Artists: Nancer Ballard, Mary Barton-Lech, Gwen Cory, Nancy Crasco, Samantha Fein, Elizabeth Lapides, Pauline Lim, Elisandra Lopes, Chelsea Martel-White, Michael McLaughlin, Alex Miklowski, Shelby Myerhoff, Brenda Gael McSweeney, Matthew Okazaki, Katha Seidman, Diana Stelin 

Exhibit Assistants - Jessica Hernandez, Mila Roemer, Natalie Schweikhart, Shuxian Zhang

February 23 - March 31, 2023

Panel Discussion and Wine Reception - Friday March 31, 2023 7:00 - 9:00 pm

Opening Reception:  Saturday, February 25, 2023

Live keyboard music by Mae Siu Wai Stroshane and refreshments

Arthaus Art Exhibit Gallery - 43 N. Beacon St., Allston, MA

 

Curator's Statement:

These days, most of us probably have already heard the term “climate change” a million times — we are all well aware of what it means and what things should be done to save the environment — but what about “climate equity”?

Environmental equity means both protection from environmental hazards as well as access to environmental benefits for all, regardless of income, race, and other characteristics. Climate change has affected the poorest population around the world most drastically, creating “climate refugees”. According to Mercy Corps “nearly 70% of all new displacements in the first six months of last year were the result of weather-related disasters, with a total of 9.8 million people around the world driven from their homes by shocks like drought, hurricanes, and landslides — around 50,000 people every day”, and “if sea levels continue to rise without intervention, many of those living near the ocean — about 40 percent of the world’s population — will be at risk of losing their homes”. 

The good news is that many people are actively seeking a solution. For instance, the Equity Fund is investing in the leadership in Black, Latinx, AAPI, and indigenous communities bearing the brunt of climate change. By engaging voters in these communities, they are getting climate and clean energy policy solutions that reflect communities' priorities and advancing racial, economic, and environmental justice.

Here at UVA, we also want to do our parts. In “Climate Equity: A Better Future For All," we are aiming  to address the long-ignored issue of climate equity, and let more people know that not everyone is provided the resources to “go green”. We want our audience to know that the environmental crisis is not only about sustainability, but also resources and power. The participating artists are lending their  voices to the unheard to tell the story that has been lingering outside the public’s sight.
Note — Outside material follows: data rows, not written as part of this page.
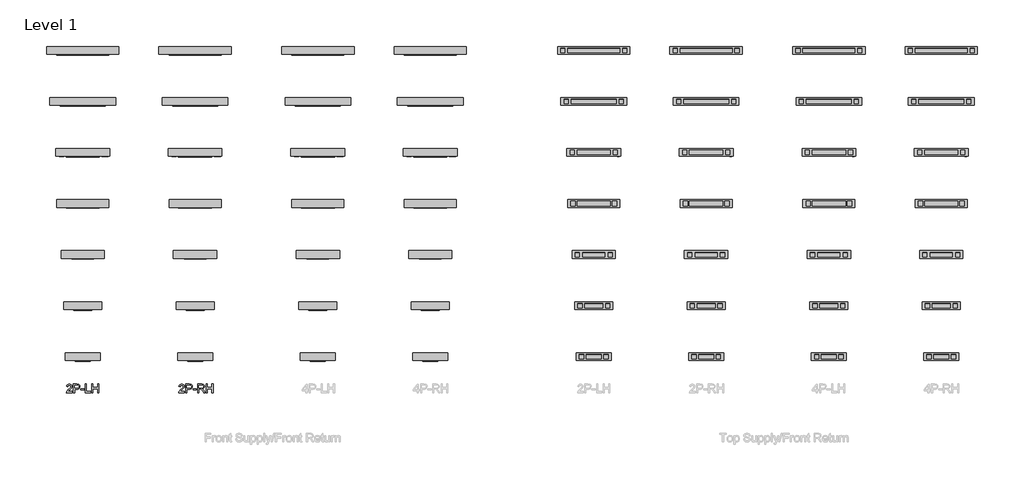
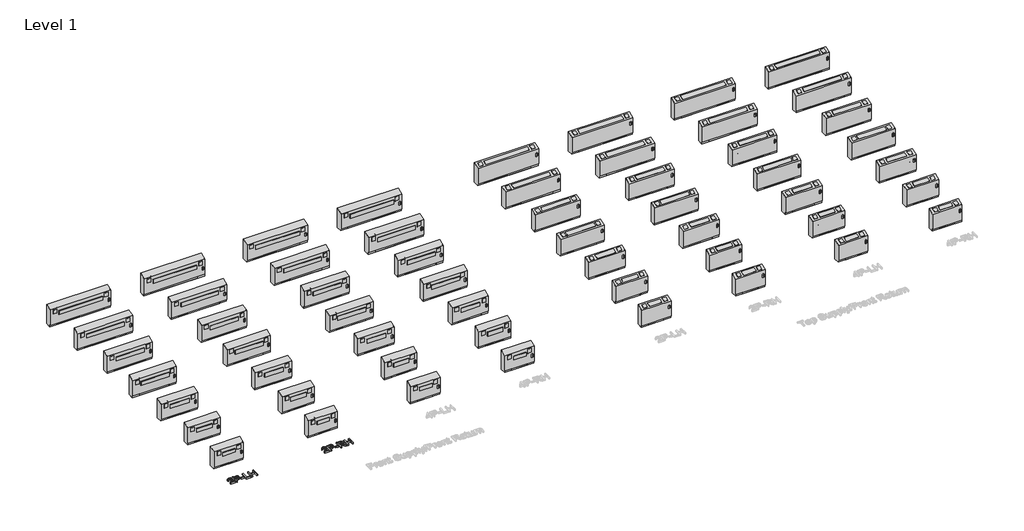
# One storey, part 1 of 3: 58 proxies.
"""IFC4 building model written with IfcOpenShell, lengths in millimetres."""

from ifc_helpers import new_model, si_unit, origin, origin_with_axes, place, context, project, spatial, polyline, outline, extrude, transform, mapped, element, save
from components import fsa_02_9984ac0a, fsa_02_ccaf9f36, fsa_02_239d5f07, fsa_02_a3f02086, fsa_02_a3f4d55f, fsa_02_dba83e95, fsa_02_3f852c0d, fsa_02_00a29073, fsa_03_38f2a992, fsa_03_0998f7d8, fsa_03_30d9e35f, fsa_03_15f4ee76, fsa_03_9eb38b45, fsa_03_bbf9bb24, fsa_03_7127c263, fsa_03_6adf4142, fsa_04_7151d022, fsa_04_9fea3f96, fsa_04_1a2f1526, fsa_04_b2a41085, fsa_04_9fa2f48e, fsa_04_fa0adc46, fsa_04_c0b1d56f, fsa_04_2e9a2c6c, fsa_06_cc0eff2d, fsa_06_d963093d, fsa_06_33f85111, fsa_06_bd2dc38c, fsa_06_9042caff, fsa_06_450f022d, fsa_06_36126f74, fsa_06_753d8a43, fsa_08_6ecd86e4, fsa_08_34fc3663, fsa_08_aebe8db0, fsa_08_8c7590da, fsa_08_331cdd5b, fsa_08_b623f187, fsa_08_8577ad06, fsa_08_1c3113d7, fsa_10_823466e5, fsa_10_5b307017, fsa_10_9be13929, fsa_10_1add2491, fsa_10_67577d47, fsa_10_9e433b3c, fsa_10_13eb66bb, fsa_10_1d2db063, fsa_12_a108baa8, fsa_12_98031c45, fsa_12_8d8f7d14, fsa_12_46d8cc71, fsa_12_32ce60d5, fsa_12_e42ce63e, fsa_12_fc2f0c06, fsa_12_ab068744

model = new_model("IFC4")

# Units and contexts
model_context = context("Model", 3, world=origin())
ifc_project = project(units=[si_unit("LENGTHUNIT", "METRE", prefix="MILLI")], contexts=[model_context])

# Site, building, storey
site = spatial("IfcSite", under=ifc_project)
building = spatial("IfcBuilding", under=site)
storey = spatial("IfcBuildingStorey", under=building, Name="Level 1", Elevation=0.0)

# Proxies
placement = place(None, origin())
element("IfcBuildingElementProxy", 1, Name="24\" Arial", ObjectType="24\" Arial", at=placement, inside=storey, context=model_context, shape_type="SweptSolid", body=[
    extrude(outline(polyline([(-19722.253563, -2259.538898), (-19722.253563, -2291.4337764), (-19889.701675, -2291.4337764), (-19886.2754673, -2269.4437528), (-19878.4107634, -2252.2582067), (-19866.9018205, -2235.5865918), (-19826.9709277, -2198.6146965), (-19792.5531145, -2168.0435801), (-19771.9024266, -2145.4773306), (-19761.5770826, -2127.1626934), (-19758.1353013, -2109.3464136), (-19761.3824117, -2093.3756138), (-19771.123743, -2080.0990592), (-19786.0978278, -2071.1519851), (-19805.0431987, -2068.1696271), (-19824.9385636, -2071.0819036), (-19840.3954322, -2079.8187331), (-19850.3703686, -2093.6948741), (-19853.8199367, -2112.025085), (-19885.7148152, -2108.0382252), (-19877.9824875, -2077.1867827), (-19861.2641515, -2054.6516806), (-19836.4319329, -2040.8689816), (-19804.3579572, -2036.2747487), (-19772.0503764, -2041.3829128), (-19747.2648788, -2056.7074052), (-19731.4965368, -2079.6007017), (-19726.2404228, -2107.4152784), (-19731.9092391, -2137.6593477), (-19750.7533812, -2168.9312793), (-19796.4465323, -2212.6310005), (-19833.1381014, -2243.3111326), (-19847.5281736, -2259.538898), (-19722.253563, -2259.538898)])), origin_with_axes(), (0.0, 0.0, 1.0), 50.8),
    extrude(outline(polyline([(-19678.3981051, -2291.4337764), (-19678.3981051, -2036.2747487), (-19583.834774, -2036.2747487), (-19545.7104271, -2038.7042414), (-19528.7117651, -2043.2439665), (-19514.7188215, -2050.6336734), (-19503.4512705, -2061.2081961), (-19494.6287858, -2075.3023685), (-19488.9288222, -2091.9272624), (-19487.0288343, -2110.0939498), (-19492.1603589, -2140.1667088), (-19507.5549328, -2165.2247456), (-19519.8834402, -2175.0906663), (-19536.3428639, -2182.1377525), (-19556.9332038, -2186.3660042), (-19581.6544601, -2187.7754214), (-19646.5032266, -2187.7754214), (-19646.5032266, -2291.4337764), (-19678.3981051, -2291.4337764)]), holes=[polyline([(-19646.5032266, -2155.8805429), (-19579.7856195, -2155.8805429), (-19551.5038327, -2152.9526928), (-19532.8154274, -2144.1691422), (-19522.3966414, -2130.0749699), (-19518.9237127, -2111.2152541), (-19520.9716505, -2096.8874767), (-19527.1154638, -2084.8023079), (-19536.5920426, -2075.707284), (-19548.6382773, -2070.3499411), (-19580.5331557, -2068.1696271), (-19646.5032266, -2068.1696271), (-19646.5032266, -2155.8805429)])]), origin_with_axes(), (0.0, 0.0, 1.0), 50.8),
    extrude(outline(polyline([(-19463.1076754, -2215.6834401), (-19463.1076754, -2183.7885616), (-19363.4361802, -2183.7885616), (-19363.4361802, -2215.6834401), (-19463.1076754, -2215.6834401)])), origin_with_axes(), (0.0, 0.0, 1.0), 50.8),
    extrude(outline(polyline([(-19323.5675821, -2291.4337764), (-19323.5675821, -2036.2747487), (-19291.6727036, -2036.2747487), (-19291.6727036, -2259.538898), (-19164.0931897, -2259.538898), (-19164.0931897, -2291.4337764), (-19323.5675821, -2291.4337764)])), origin_with_axes(), (0.0, 0.0, 1.0), 50.8),
    extrude(outline(polyline([(-19128.2114515, -2291.4337764), (-19128.2114515, -2036.2747487), (-19096.316573, -2036.2747487), (-19096.316573, -2139.9331037), (-18960.7633395, -2139.9331037), (-18960.7633395, -2036.2747487), (-18928.868461, -2036.2747487), (-18928.868461, -2291.4337764), (-18960.7633395, -2291.4337764), (-18960.7633395, -2171.8279822), (-19096.316573, -2171.8279822), (-19096.316573, -2291.4337764), (-19128.2114515, -2291.4337764)])), origin_with_axes(), (0.0, 0.0, 1.0), 50.8),
])
element("IfcBuildingElementProxy", 2, Name="24\" Arial", ObjectType="24\" Arial", at=placement, inside=storey, context=model_context, shape_type="SweptSolid", body=[
    extrude(outline(polyline([(-16368.5749359, -2259.538898), (-16368.5749359, -2291.4337764), (-16536.0230479, -2291.4337764), (-16532.5968402, -2269.4437528), (-16524.7321363, -2252.2582067), (-16513.2231934, -2235.5865918), (-16473.2923006, -2198.6146965), (-16438.8744874, -2168.0435801), (-16418.2237995, -2145.4773306), (-16407.8984555, -2127.1626934), (-16404.4566742, -2109.3464136), (-16407.7037846, -2093.3756138), (-16417.4451159, -2080.0990592), (-16432.4192007, -2071.1519851), (-16451.3645716, -2068.1696271), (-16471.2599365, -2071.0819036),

Some of the artworks in this exhibit:

Top row:

Brenda Gael McSweeney, Village and Global Women Leaders in West Africa

Pauline Lim, Thaddeus Bartlett’s House, Skinnerville View

Samantha Fein

Bottom row:

Katha Seidman

Michael McLaughlin

Alex Miklowski

Source for above materials: https://www.unboundvisualarts.org/climate-equity-a-better-future-for-all/

New Publication: A Few Good Gays: The Gendered Compromises Behind Military Inclusion by Dr. Cati Connell

Former Director of WGS, Dr. Catherine 'Cati' Connell, recently had a new monograph titled A Few Good Gays: The Gendered Compromises Behind Military Inclusion published by University of California Press in December 2022. Cati was Director of WGS from 2017 through June 2022.

Photo courtesy of WGS Newsletter for 2021-2022

Check out the description on Google Books: https://books.google.com/books/about/A_Few_Good_Gays.html?id=WHyIEAAAQBAJ


Three cheers for Cati on this fabulous accomplishment!!!


UNESCO/UNITWIN Network Affiliate Ronni Komarow's latest exhibition!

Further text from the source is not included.